Should you sleep train? Is it harmful? What's the evidence against sleep training? Will it work?


You will find people giving anecdotal evidence in support of sleep training.


It’s important to realise that anecdotal evidence is not reliable at all and is heavily skewed by a parent's own self-serving bias, desire to feel “right”, “smart”, like they're a "good parent", and by their desire to avoid of the pain of ever admitting something they did might be detrimental to their child’s future development and mental health.


Some people also want others to sleep train so they feel validated in their choices, and to soften the deep primal pain and guilt of choosing to go against Mother Nature and to sacrifice their baby’s biological needs and future mental health for their own desire to hurry up and fit back into modern lifestyle.

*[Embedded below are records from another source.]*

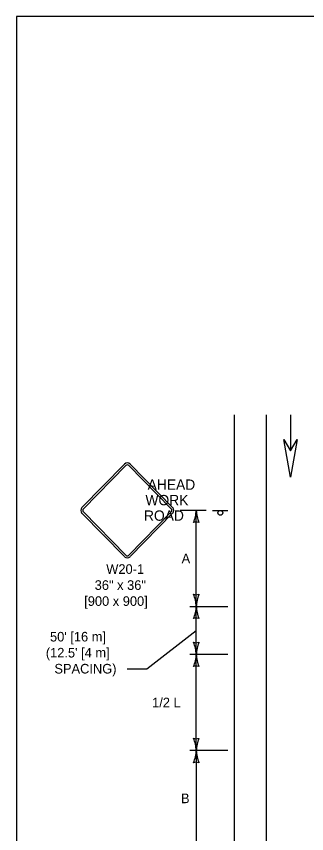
# Model space of a CAD drawing. Extents: x 49991.4 to 50021, y 49987.6 to 50011.4.
# Drawn here: x 50000.34 to 50002.15, y 50006.16 to 50011.26 of the extents above; entities that cross this region are included whole.
import ezdxf

# ---------------------------------------------------------------- set-up
doc = ezdxf.new("R2010")
doc.units = 0
for name, color, linetype in [('Level 1', 7, 'Continuous'), ('Level 2', 7, 'Continuous'), ('Level 3', 7, 'Continuous')]:
    doc.layers.add(name, color=color, linetype=linetype)

msp = doc.modelspace()

# ---------------------------------------------------------------- linework, layer by layer
at = {"layer": 'Level 1'}
for p, q in [((50001.6979, 50000.4631), (50001.6979, 50008.7736)), ((50001.8979, 50000.4631), (50001.8979, 50008.7736)), ((50002.0477, 50008.7736), (50002.0477, 50008.5477)), ((50002.0479, 50008.7736), (50002.0479, 50008.5477)), ((50000.7456, 50008.194), (50001.0108, 50008.4647)), ((50000.7545, 50008.1854), (50001.0197, 50008.456)), ((50001.0383, 50008.456), (50001.3035, 50008.1854)), ((50001.0471, 50008.4647), (50001.3123, 50008.194)), ((50001.0197, 50007.8958), (50000.7545, 50008.1665)), ((50001.3035, 50008.1665), (50001.0383, 50007.8958)), ((50001.5619, 50008.176), (50001.6579, 50008.176)), ((50001.0108, 50007.8871), (50000.7456, 50008.1578)), ((50001.3123, 50008.1578), (50001.0471, 50007.8871))]:
    msp.add_line(p, q, dxfattribs=at)
for points in [[(50008.6146, 50011.2628), (50000.3356, 50011.2628), (50000.3356, 50000.0624), (50008.6146, 50000.0624)], [(50002.0897, 50008.62), (50002.0479, 50008.3835), (50002.0061, 50008.62), (50002.0479, 50008.5478)]]:
    msp.add_lwpolyline(points, close=True, dxfattribs=at)
msp.add_circle((50001.6099, 50008.1608), 0.0152, dxfattribs=at)
for centre, major_axis, ratio, start_param, end_param in [((50001.029, 50008.4466), (0, 0.0258), 0.98963, 5.497795, 7.068583), ((50001.029, 50008.4466), (0, 0.0134), 0.98, 5.497795, 7.068583), ((50000.7637, 50008.176), (0, -0.0258), 0.98963, 3.926991, 5.497787), ((50000.7637, 50008.176), (0, -0.0134), 0.98, 3.926991, 5.497787), ((50001.2941, 50008.176), (0.0134, 0), 0.98, 5.497787, 7.068583), ((50001.2941, 50008.176), (0.0258, 0), 0.98963, 5.497787, 7.068583), ((50001.029, 50007.9053), (0, -0.0258), 0.98963, 5.497787, 7.068583), ((50001.029, 50007.9053), (0, -0.0134), 0.98, 5.497787, 7.068583)]:
    msp.add_ellipse(centre, major_axis=major_axis, ratio=ratio, start_param=start_param, end_param=end_param, dxfattribs=at)
at = {"layer": 'Level 3'}
for p, q in [((50001.5219, 50008.176), (50001.3599, 50008.176)), ((50001.4599, 50007.576), (50001.4599, 50008.176)), ((50001.4199, 50007.576), (50001.6579, 50007.576)), ((50001.4599, 50007.276), (50001.4599, 50007.576)), ((50001.1516, 50007.1871), (50001.4599, 50007.426)), ((50001.6579, 50007.276), (50001.4199, 50007.276)), ((50001.4599, 50006.676), (50001.4599, 50007.276)), ((50001.0283, 50007.1871), (50001.1516, 50007.1871)), ((50001.6579, 50006.676), (50001.4199, 50006.676)), ((50001.4599, 50006.676), (50001.4599, 50006.076))]:
    msp.add_line(p, q, dxfattribs=at)
for centre, radius, start, end in [((50001.2271, 50008.1875), 0.233, 337.9228, 357.1727), ((50001.682, 50008.1852), 0.2223, 182.3605, 202.544), ((50001.4599, 50008.0478), 0.0548, 72.1388, 107.8612), ((50001.4599, 50007.7042), 0.0548, 252.1388, 287.8612), ((50001.2271, 50007.5645), 0.233, 2.8273, 22.0772), ((50001.682, 50007.5668), 0.2223, 157.456, 177.6395), ((50001.2377, 50007.5852), 0.2223, 337.456, 357.6395), ((50001.6926, 50007.5875), 0.233, 182.8273, 202.0772), ((50001.4599, 50007.4478), 0.0548, 72.1388, 107.8612), ((50001.4599, 50007.4042), 0.0548, 252.1388, 287.8612), ((50001.2271, 50007.2645), 0.233, 2.8273, 22.0772), ((50001.682, 50007.2668), 0.2223, 157.456, 177.6395), ((50001.2377, 50007.2852), 0.2223, 337.456, 357.6395), ((50001.6926, 50007.2875), 0.233, 182.8273, 202.0772), ((50001.4599, 50007.1478), 0.0548, 72.1388, 107.8612), ((50001.4599, 50006.8042), 0.0548, 252.1388, 287.8612), ((50001.2271, 50006.6645), 0.233, 2.8273, 22.0772), ((50001.682, 50006.6668), 0.2223, 157.456, 177.6395), ((50001.2377, 50006.6852), 0.2223, 337.456, 357.6395), ((50001.6926, 50006.6875), 0.233, 182.8273, 202.0772), ((50001.4599, 50006.5478), 0.0548, 72.1388, 107.8612)]:
    msp.add_arc(centre, radius, start, end, dxfattribs=at)

# ---------------------------------------------------------------- texts
at = {"layer": 'Level 1'}
for s, p in [('AHEAD', (50001.156, 50008.3049)), ('WORK', (50001.1422, 50008.2082)), ('ROAD', (50001.1332, 50008.1114))]:
    msp.add_text(s, height=0.06453, rotation=360, dxfattribs=at).set_placement(p)
at = {"layer": 'Level 2'}
msp.add_text('A', height=0.06, rotation=0, dxfattribs=at).set_placement((50001.3683, 50007.846))
for s, p in [('W20-1', (50000.8974, 50007.7796)), ('36" x 36"', (50000.8251, 50007.6796)), ('[900 x 900]', (50000.7596, 50007.5796)), ("50' [16 m]", (50000.546, 50007.3571)), ("(12.5' [4 m]", (50000.5198, 50007.2571)), ('SPACING)', (50000.5734, 50007.1571)), ('1/2 L', (50001.184, 50006.946)), ('B', (50001.3643, 50006.347))]:
    msp.add_text(s, height=0.06, dxfattribs=at).set_placement(p)

doc.saveas('drawing.dxf')
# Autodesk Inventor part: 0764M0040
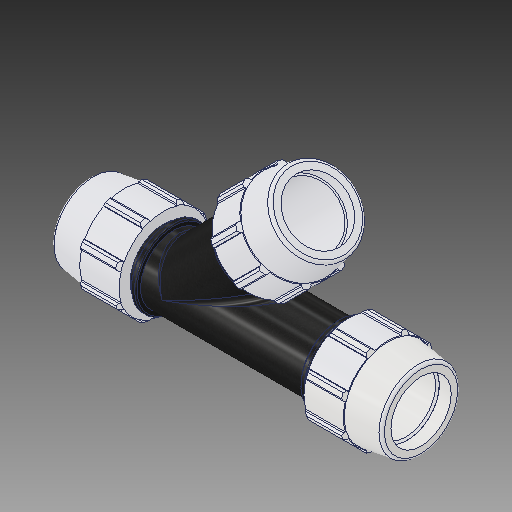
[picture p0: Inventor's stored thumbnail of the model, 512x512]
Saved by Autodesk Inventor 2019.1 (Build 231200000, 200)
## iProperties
Created: 2017-02
Part Number: 0764M0040
Material: PVC-Piping
Description: PLASSON 45° TEE 4'' - 4'' - 4''
Document SubType Name: Modeling
Designer: KIM
Mass: 92.6774 g
Surface Area: 199.44 cm^2
Volume: 66.1981 cm^3
Density: 1.4 g/cm^3
Appearance: PTFE
Author: Кирилл
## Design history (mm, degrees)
derived "0764M0.ipt"
feature "Solid1::0764M0.ipt"
feature "Solid3::0764M0.ipt"
tag "TaggingFeature1"
body "Solid1"
other parameters: "d2" = 114.1, "d4" = 26.04558, "d5" = 62.5094, "d7" = 181.102, "d11" = 10.41823, "d13" = 120 deg, "d14" = 148.33, "d15" = 8 deg, "d16" = 144.8816, "d18" = 5.705, "d19" = 35 deg, "d20" = 17.5 deg, "d21" = 168.42486, "d23" = 0, "d25" = 360 deg, "d27" = 3.62204, "d33" = 2.282, "d42" = 75.01128, "d43" = 5.43306, "d46" = 3.423, "d68" = 9.37641, "d91" = 126.7714, "d93" = 194.056, "d95" = 102.69, "d134" = 312.547, "d138" = 45 deg, "d141" = 283.972, "d144" = 0, "d146" = 0, "d150" = 5.705, "d158" = 11.41, "d165" = 426.9232, "d166" = 168.42486, "d167" = 35 deg, "d168" = 17.5 deg, "d170" = 0, "d172" = 360 deg, "d174" = 5.43306, "d177" = 3.62204, "d_" = 114.1, "E_" = 181.102, "A_" = 283.972, "l_" = 194.056, "H_" = 625.094

Sleep training does “work” at getting a mum more time to herself… but it sacrifices the baby in doing so. The cost is not worth the result.


Ignoring anything gets you more time to yourself… but it’s cruel to neglect a vulnerable baby who is powerless to escape the situation or otherwise get its needs met.


Sleep training is inflicting early childhood trauma on something utterly powerless to protect itself.


Hitting a spouse is also likely to be effective at getting you more control over them too... it might scare them into submission or put them into "freeze" or "fawn" mode too - but it’s very wrong to do.


Some outcomes are not worth the price and the damage.


Some people object with: well the government offers sleeping training services for free!!


Just because the government offers you something for free, doesn’t mean it’s good for you.


Public/government hospitals also used to knock you out in childbirth and separate your baby from you for free too, and now they don’t because they later realised it was harmful.


There is significant research about the negative impacts of maternal separation/deprivation.


Human infants were not designed to cry without regulation. Just because some babies sadly “gave up” crying, gave up signalling their needs and went into "extinction mode" and, in doing so, were scarified to make that mother's life easier... does not mean it didn’t come at the harm of that child’s proper development.


A baby’s cry needs a response, every time.


That's the whole point of the cry. It's communication of a need. A need that can't be regulated because babies don't have the brain capacity for self-regulation... and can't just take themselves to the loo, ask for a hug, talk out their problems, tell you they're scared and need help to calm down etc..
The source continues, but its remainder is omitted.